Abstract

Aim: To evaluate photodynamic therapy (PDT) in vitro to reduce the growth of Candida spp, and its synergy with the antifungals fluconazole and ketoconazole for inhibition of resistant, DDS and susceptible isolates from asymptomatic carriers and with complicated vulvovaginitis. Methods: Between 2017 and 2020, we evaluated 230 women with vulvovaginal candidiasis and 400 asymptomatic. We obtained 130 positive cultures for Candida spp from vulvovaginitis and 94 asymptomatic. Yeasts were characterized by classical and molecular tests. Sensitivity to fluconazole and ketoconazole was evaluated by E-test. We used photodynamic light through blue LED, wavelengths between 450 to 470 nm, power of 260 mW, energy fluence of 270 J/cm2, for 15 minutes over all colonies of Candida spp. Methylene blue (MB) at 450 mg/mL, 2% gentian violet (VG) and 50 μM curcumin (CR) were used in association or not with LED irradiation. Suspensions of Candida spp of 106 CFU/mL, subjected to the different assays, were introduced in 96-well microplates, incubated for 48 hours at 35˚C and the readings at 530 nm. The samples were finally cultivated in Petri plates containing Sabouraud dextrose agar to assess the growth inhibition. All procedures were in triplicate. Results: C. albicans was prevalent in vulvovaginal candidiasis, however, we also isolated non-albicans species such as C. glabrata, C. tropicalis and C. parapsilosis. There was a substantial reduction (66.6% to 83.8%) of the CFU/mL of the isolates treated with FDT. Gentian violet at 2% alone reduced the growth of CFU/ml of Candida spp from 69% to 75%. Among isolates of vaginitis and asymptomatic carriers, after using FDT, we found a reduction in resistant phenotypes and DDS for fluconazole in percentages from 20% to 100% for C. albicans, from 50% to 100% C. glabrata, 33.3% to 100% C. parapsilosis and 100% C. tropicalis. For ketoconazole in the same isolates, there was a reduction in phenotypes with MIC > 16 μg/mL of up to 50% in C. albicans, 50% to 100% C. glabrata, 50% to 100% C. tropicalis. Conclusions: PDT with MB, GV and CR revealed efficacy in vitro in reducing the growth of C. albicans and non-albicans, especially due to chronic recurrent vulvovaginitis.

Highlights

  • Three out of four women have at least one episode of vaginal candidiasis during their reproductive years, 40% of whom will experience a second episode and 5% of them will have recurrent vaginitis that is characterized by four or more episodes of vaginitis during one year, with clinical diagnosis and confirmation by culture [1] [2] [3]

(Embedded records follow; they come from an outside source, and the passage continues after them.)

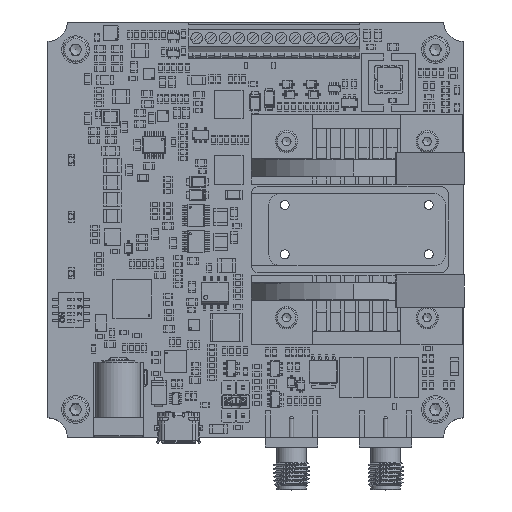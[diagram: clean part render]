
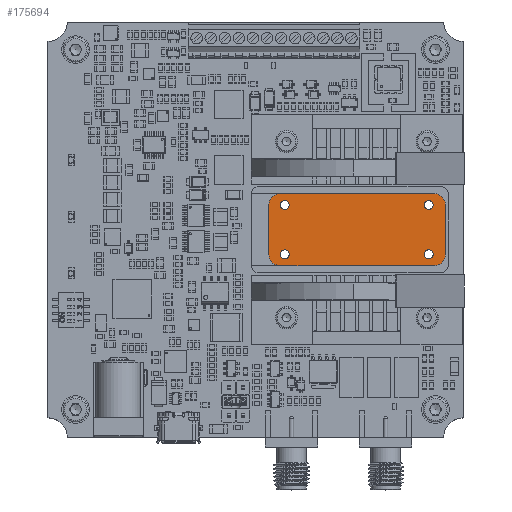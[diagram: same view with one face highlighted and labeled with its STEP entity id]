
A CAD part, top view. The second image highlights one B-rep face of the part: STEP entity #175694.
In plain terms, the highlighted planar face has unit normal (0, 0, 1).
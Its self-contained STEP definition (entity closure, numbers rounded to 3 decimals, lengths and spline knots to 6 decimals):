
#8817=CIRCLE('',#201315,0.002);
#8818=CIRCLE('',#201318,0.002);
#8819=CIRCLE('',#201321,0.002);
#8820=CIRCLE('',#201324,0.002);
#8821=CIRCLE('',#201326,0.0008);
#8822=CIRCLE('',#201327,0.0008);
#8823=CIRCLE('',#201328,0.0008);
#8824=CIRCLE('',#201329,0.0008);
#39574=ORIENTED_EDGE('',*,*,#71927,.F.);
#39575=ORIENTED_EDGE('',*,*,#71928,.F.);
#39576=ORIENTED_EDGE('',*,*,#71929,.F.);
#39577=ORIENTED_EDGE('',*,*,#71930,.F.);
#39578=ORIENTED_EDGE('',*,*,#71921,.F.);
#39579=ORIENTED_EDGE('',*,*,#71923,.T.);
#39580=ORIENTED_EDGE('',*,*,#71925,.F.);
#39581=ORIENTED_EDGE('',*,*,#71926,.F.);
#39582=ORIENTED_EDGE('',*,*,#71912,.T.);
#39583=ORIENTED_EDGE('',*,*,#71915,.F.);
#39584=ORIENTED_EDGE('',*,*,#71917,.T.);
#39585=ORIENTED_EDGE('',*,*,#71919,.F.);
#71912=EDGE_CURVE('',#90513,#90512,#109437,.T.);
#71915=EDGE_CURVE('',#90514,#90512,#8817,.T.);
#71917=EDGE_CURVE('',#90514,#90515,#109441,.T.);
#71919=EDGE_CURVE('',#90516,#90515,#8818,.T.);
#71921=EDGE_CURVE('',#90517,#90516,#109444,.T.);
#71923=EDGE_CURVE('',#90517,#90518,#8819,.T.);
#71925=EDGE_CURVE('',#90519,#90518,#109447,.T.);
#71926=EDGE_CURVE('',#90513,#90519,#8820,.T.);
#71927=EDGE_CURVE('',#90520,#90520,#8821,.T.);
#71928=EDGE_CURVE('',#90521,#90521,#8822,.T.);
#71929=EDGE_CURVE('',#90522,#90522,#8823,.T.);
#71930=EDGE_CURVE('',#90523,#90523,#8824,.T.);
#90512=VERTEX_POINT('',#288814);
#90513=VERTEX_POINT('',#288816);
#90514=VERTEX_POINT('',#288820);
#90515=VERTEX_POINT('',#288824);
#90516=VERTEX_POINT('',#288828);
#90517=VERTEX_POINT('',#288832);
#90518=VERTEX_POINT('',#288836);
#90519=VERTEX_POINT('',#288840);
#90520=VERTEX_POINT('',#288846);
#90521=VERTEX_POINT('',#288848);
#90522=VERTEX_POINT('',#288850);
#90523=VERTEX_POINT('',#288852);
#109437=LINE('',#288815,#130315);
#109441=LINE('',#288825,#130319);
#109444=LINE('',#288833,#130322);
#109447=LINE('',#288841,#130325);
#130315=VECTOR('',#236480,1.);
#130319=VECTOR('',#236490,1.);
#130322=VECTOR('',#236499,1.);
#130325=VECTOR('',#236508,1.);
#145088=EDGE_LOOP('',(#39574));
#145089=EDGE_LOOP('',(#39575));
#145090=EDGE_LOOP('',(#39576));
#145091=EDGE_LOOP('',(#39577));
#145092=EDGE_LOOP('',(#39578,#39579,#39580,#39581,#39582,#39583,#39584,
#39585));
#155958=FACE_BOUND('',#145088,.T.);
#155959=FACE_BOUND('',#145089,.T.);
#155960=FACE_BOUND('',#145090,.T.);
#155961=FACE_BOUND('',#145091,.T.);
#155962=FACE_BOUND('',#145092,.T.);
#165839=PLANE('',#201325);
#175694=ADVANCED_FACE('',(#155958,#155959,#155960,#155961,#155962),#165839,
 .T.);
#201315=AXIS2_PLACEMENT_3D('',#288821,#236485,#236486);
#201318=AXIS2_PLACEMENT_3D('',#288829,#236494,#236495);
#201321=AXIS2_PLACEMENT_3D('',#288837,#236503,#236504);
#201324=AXIS2_PLACEMENT_3D('',#288843,#236511,#236512);
#201325=AXIS2_PLACEMENT_3D('',#288844,#236513,#236514);
#201326=AXIS2_PLACEMENT_3D('',#288845,#236515,#236516);
#201327=AXIS2_PLACEMENT_3D('',#288847,#236517,#236518);
#201328=AXIS2_PLACEMENT_3D('',#288849,#236519,#236520);
#201329=AXIS2_PLACEMENT_3D('',#288851,#236521,#236522);
#236480=DIRECTION('',(0.,-1.,0.));
#236485=DIRECTION('',(0.,0.,-1.));
#236486=DIRECTION('',(1.,0.,0.));
#236490=DIRECTION('',(1.,0.,0.));
#236494=DIRECTION('',(0.,0.,-1.));
#236495=DIRECTION('',(1.,0.,0.));
#236499=DIRECTION('',(0.,-1.,0.));
#236503=DIRECTION('',(0.,0.,1.));
#236504=DIRECTION('',(1.,0.,0.));
#236508=DIRECTION('',(1.,0.,0.));
#236511=DIRECTION('',(0.,0.,-1.));
#236512=DIRECTION('',(1.,0.,0.));
#236513=DIRECTION('',(0.,0.,1.));
#236514=DIRECTION('',(1.,0.,0.));
#236515=DIRECTION('',(0.,0.,1.));
#236516=DIRECTION('',(1.,0.,0.));
#236517=DIRECTION('',(0.,0.,1.));
#236518=DIRECTION('',(1.,0.,0.));
#236519=DIRECTION('',(0.,0.,1.));
#236520=DIRECTION('',(1.,0.,0.));
#236521=DIRECTION('',(0.,0.,1.));
#236522=DIRECTION('',(1.,0.,0.));
#288814=CARTESIAN_POINT('',(-0.0065,-0.03229,0.008));
#288815=CARTESIAN_POINT('',(-0.0065,-0.005295,0.008));
#288816=CARTESIAN_POINT('',(-0.0065,-0.004415,0.008));
#288820=CARTESIAN_POINT('',(-0.0045,-0.03429,0.008));
#288821=CARTESIAN_POINT('',(-0.0045,-0.03229,0.008));
#288824=CARTESIAN_POINT('',(0.0045,-0.03429,0.008));
#288825=CARTESIAN_POINT('',(0.,-0.03429,0.008));
#288828=CARTESIAN_POINT('',(0.0065,-0.03229,0.008));
#288829=CARTESIAN_POINT('',(0.0045,-0.03229,0.008));
#288832=CARTESIAN_POINT('',(0.0065,-0.004415,0.008));
#288833=CARTESIAN_POINT('',(0.0065,-0.005295,0.008));
#288836=CARTESIAN_POINT('',(0.0045,-0.002415,0.008));
#288837=CARTESIAN_POINT('',(0.0045,-0.004415,0.008));
#288840=CARTESIAN_POINT('',(-0.0045,-0.002415,0.008));
#288841=CARTESIAN_POINT('',(0.,-0.002415,0.008));
#288843=CARTESIAN_POINT('',(-0.0045,-0.004415,0.008));
#288844=CARTESIAN_POINT('',(0.,-0.002295,0.008));
#288845=CARTESIAN_POINT('',(0.00445,-0.00529,0.008));
#288846=CARTESIAN_POINT('',(0.00525,-0.00529,0.008));
#288847=CARTESIAN_POINT('',(-0.00445,-0.03129,0.008));
#288848=CARTESIAN_POINT('',(-0.00365,-0.03129,0.008));
#288849=CARTESIAN_POINT('',(0.00445,-0.03129,0.008));
#288850=CARTESIAN_POINT('',(0.00525,-0.03129,0.008));
#288851=CARTESIAN_POINT('',(-0.00445,-0.00529,0.008));
#288852=CARTESIAN_POINT('',(-0.00365,-0.00529,0.008));

  • The present study aims to verify in vitro the synergistic effect of the combination of photodynamic light associated with sensitizers such as methylene blue, gentian violet or curcumin to inhibit the growth of Candida spp from complicated VVC and asymptomatic women

  • We identified isolates with a resistant and dose-dependent profile to fluconazole, both among C. albicans and non-albicans species, coming from materials collected from patients with chronic and recurrent vaginitis such as Candida albicans (13, 11.92%), C. tropicalis (1, 33.3%), C. parapsilosis (3, 60%), C. glabrata (5, 50%), and those obtained from asymptomatic women, such as Candida albicans (5, 6.94%), C. tropicalis (1, 10%), C. parapsilosis (1, 12.5%), C. glabrata (3.75%)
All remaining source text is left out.